> WHAT YOU SHOULD DO
Output, word for word, the span of lines that starts at the one containing "Engineering drawing of a manufactured part, from" and ends at the last line of the records.

╭─ RECORDED DATA

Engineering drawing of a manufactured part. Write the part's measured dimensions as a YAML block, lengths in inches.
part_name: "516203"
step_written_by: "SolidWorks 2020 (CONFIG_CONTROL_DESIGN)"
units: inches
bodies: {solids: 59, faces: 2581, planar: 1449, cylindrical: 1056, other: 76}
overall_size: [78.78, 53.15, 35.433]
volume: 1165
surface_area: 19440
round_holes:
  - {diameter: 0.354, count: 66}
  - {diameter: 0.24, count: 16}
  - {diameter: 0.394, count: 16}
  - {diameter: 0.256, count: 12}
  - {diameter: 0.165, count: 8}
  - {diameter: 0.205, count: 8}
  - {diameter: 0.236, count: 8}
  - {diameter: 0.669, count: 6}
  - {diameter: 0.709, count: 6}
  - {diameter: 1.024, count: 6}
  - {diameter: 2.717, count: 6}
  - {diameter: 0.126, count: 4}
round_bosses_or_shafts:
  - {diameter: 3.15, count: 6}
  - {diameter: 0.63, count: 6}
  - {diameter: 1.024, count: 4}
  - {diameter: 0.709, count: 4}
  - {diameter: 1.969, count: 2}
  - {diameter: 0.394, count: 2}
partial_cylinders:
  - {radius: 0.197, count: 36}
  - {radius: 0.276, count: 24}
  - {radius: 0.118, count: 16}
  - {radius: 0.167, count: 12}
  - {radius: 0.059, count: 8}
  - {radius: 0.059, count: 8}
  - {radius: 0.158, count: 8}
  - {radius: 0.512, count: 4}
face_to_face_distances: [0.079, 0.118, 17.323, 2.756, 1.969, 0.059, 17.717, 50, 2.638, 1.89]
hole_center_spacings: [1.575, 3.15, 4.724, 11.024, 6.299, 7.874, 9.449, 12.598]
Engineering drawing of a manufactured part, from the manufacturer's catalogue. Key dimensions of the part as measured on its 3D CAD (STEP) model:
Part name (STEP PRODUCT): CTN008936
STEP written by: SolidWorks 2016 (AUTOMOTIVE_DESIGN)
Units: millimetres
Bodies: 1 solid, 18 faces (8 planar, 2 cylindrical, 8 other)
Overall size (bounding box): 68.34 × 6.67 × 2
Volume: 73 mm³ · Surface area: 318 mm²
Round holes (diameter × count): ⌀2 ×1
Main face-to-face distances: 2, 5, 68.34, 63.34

╰─

> RESULT BELOW
Engineering drawing of a manufactured part, from the manufacturer's catalogue. Key dimensions of the part as measured on its 3D CAD (STEP) model:
Part name (STEP PRODUCT): CTN008936
STEP written by: SolidWorks 2016 (AUTOMOTIVE_DESIGN)
Units: millimetres
Bodies: 1 solid, 18 faces (8 planar, 2 cylindrical, 8 other)
Overall size (bounding box): 68.34 × 6.67 × 2
Volume: 73 mm³ · Surface area: 318 mm²
Round holes (diameter × count): ⌀2 ×1
Main face-to-face distances: 2, 5, 68.34, 63.34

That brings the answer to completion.